COMPSTAT 2022: Start Registration
View Submission - COMPSTAT2022
A0642
Title: LEFDA: An extension of the classical LDA Authors:  Alice Giampino - University of Milano-Bicocca (Italy) [presenting]
Roberto Ascari - University of Milano-Bicocca (Italy)
Sonia Migliorati - University of Milano Bicocca (Italy)
Abstract: Latent Dirichlet Allocation (LDA) is a popular statistical tool for the analysis of text documents when the goal is detecting latent topics. A well-known limitation of the LDA is its inability to model positive correlations between topics. This is attributable to the stiffness of the Dirichlet distribution, which is the standard prior for the topic distributions. The aim is to perform a preliminary study of the extended flexible Dirichlet (EFD) as an alternative prior. The latter is a generalization of the Dirichlet distribution defined as a particular structured mixture allowing for positive correlations between its elements.

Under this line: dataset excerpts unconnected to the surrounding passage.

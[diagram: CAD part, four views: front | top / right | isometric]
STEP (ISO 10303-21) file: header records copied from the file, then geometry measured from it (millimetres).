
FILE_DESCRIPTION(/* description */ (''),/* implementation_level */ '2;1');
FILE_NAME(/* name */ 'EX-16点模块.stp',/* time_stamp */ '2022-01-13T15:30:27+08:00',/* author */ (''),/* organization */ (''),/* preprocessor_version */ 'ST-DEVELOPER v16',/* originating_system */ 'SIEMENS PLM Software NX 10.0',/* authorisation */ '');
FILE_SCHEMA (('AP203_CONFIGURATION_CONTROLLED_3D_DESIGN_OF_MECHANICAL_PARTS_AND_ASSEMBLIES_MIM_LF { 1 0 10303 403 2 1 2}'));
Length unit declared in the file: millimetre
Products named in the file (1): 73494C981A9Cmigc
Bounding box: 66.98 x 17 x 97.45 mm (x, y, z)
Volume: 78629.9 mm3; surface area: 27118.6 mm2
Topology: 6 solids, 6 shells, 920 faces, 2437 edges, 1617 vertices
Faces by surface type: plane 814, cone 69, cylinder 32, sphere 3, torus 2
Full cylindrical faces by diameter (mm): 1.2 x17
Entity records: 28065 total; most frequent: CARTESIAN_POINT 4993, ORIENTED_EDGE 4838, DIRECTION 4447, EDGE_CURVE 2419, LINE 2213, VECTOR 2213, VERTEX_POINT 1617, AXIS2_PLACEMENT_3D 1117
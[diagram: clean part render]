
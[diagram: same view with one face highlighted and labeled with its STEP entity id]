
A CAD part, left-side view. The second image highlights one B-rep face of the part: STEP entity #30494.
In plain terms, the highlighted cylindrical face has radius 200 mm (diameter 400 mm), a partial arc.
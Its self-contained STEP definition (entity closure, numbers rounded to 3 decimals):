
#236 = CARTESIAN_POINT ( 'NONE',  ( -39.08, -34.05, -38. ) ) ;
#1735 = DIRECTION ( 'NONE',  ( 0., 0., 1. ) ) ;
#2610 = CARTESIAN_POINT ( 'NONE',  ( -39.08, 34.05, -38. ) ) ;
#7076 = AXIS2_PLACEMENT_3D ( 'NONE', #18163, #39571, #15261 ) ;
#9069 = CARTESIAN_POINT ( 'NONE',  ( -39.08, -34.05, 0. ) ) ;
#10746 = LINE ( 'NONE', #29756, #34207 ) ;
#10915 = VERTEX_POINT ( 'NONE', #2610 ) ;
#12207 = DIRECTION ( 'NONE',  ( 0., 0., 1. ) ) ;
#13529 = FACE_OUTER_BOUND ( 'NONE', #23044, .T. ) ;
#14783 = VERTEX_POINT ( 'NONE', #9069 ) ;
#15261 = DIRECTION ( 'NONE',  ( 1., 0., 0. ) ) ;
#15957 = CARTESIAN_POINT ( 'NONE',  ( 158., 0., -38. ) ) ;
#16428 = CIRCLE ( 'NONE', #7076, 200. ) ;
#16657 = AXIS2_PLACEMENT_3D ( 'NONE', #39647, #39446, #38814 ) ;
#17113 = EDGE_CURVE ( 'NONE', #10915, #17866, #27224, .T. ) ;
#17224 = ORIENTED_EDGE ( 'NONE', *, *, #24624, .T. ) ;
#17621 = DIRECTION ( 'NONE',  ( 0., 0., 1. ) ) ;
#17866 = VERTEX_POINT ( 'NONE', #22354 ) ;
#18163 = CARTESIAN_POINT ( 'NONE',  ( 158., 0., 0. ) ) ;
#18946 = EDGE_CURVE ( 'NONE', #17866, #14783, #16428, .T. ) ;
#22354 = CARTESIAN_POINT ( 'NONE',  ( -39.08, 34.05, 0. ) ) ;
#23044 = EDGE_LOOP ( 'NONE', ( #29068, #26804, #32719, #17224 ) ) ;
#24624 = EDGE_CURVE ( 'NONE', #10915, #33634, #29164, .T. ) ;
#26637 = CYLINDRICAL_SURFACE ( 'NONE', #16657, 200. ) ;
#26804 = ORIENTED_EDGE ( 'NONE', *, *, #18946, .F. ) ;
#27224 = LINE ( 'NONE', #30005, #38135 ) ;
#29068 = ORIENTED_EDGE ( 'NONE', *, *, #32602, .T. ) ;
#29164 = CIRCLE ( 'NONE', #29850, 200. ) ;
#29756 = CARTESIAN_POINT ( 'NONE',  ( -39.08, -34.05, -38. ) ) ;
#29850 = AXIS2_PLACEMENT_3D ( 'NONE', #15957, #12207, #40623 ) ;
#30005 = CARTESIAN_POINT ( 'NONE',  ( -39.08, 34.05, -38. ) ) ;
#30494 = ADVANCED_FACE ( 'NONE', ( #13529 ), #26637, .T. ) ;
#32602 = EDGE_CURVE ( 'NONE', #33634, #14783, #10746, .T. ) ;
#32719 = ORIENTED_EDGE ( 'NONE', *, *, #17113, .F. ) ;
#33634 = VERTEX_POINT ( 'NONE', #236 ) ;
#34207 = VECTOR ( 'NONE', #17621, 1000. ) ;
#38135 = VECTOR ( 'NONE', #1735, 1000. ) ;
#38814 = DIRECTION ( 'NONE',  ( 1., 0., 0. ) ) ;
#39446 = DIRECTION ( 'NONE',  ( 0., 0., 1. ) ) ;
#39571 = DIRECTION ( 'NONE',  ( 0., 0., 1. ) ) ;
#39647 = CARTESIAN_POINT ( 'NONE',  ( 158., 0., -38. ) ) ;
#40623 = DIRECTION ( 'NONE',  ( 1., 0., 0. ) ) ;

The EFD distribution retains many good theoretical properties of the Dirichlet one, such as identifiability and also explicit expressions of joint moments and closure under many relevant operations on the simplex. Furthermore, the introduction of additional parameters establishes more flexibility, while still maintaining the interpretability of the model, as well as conjugacy with respect to the multinomial model. The generalization of the LDA based on the EFD distribution is illustrated via an application to real data using Markov Chain Monte Carlo (MCMC) methods.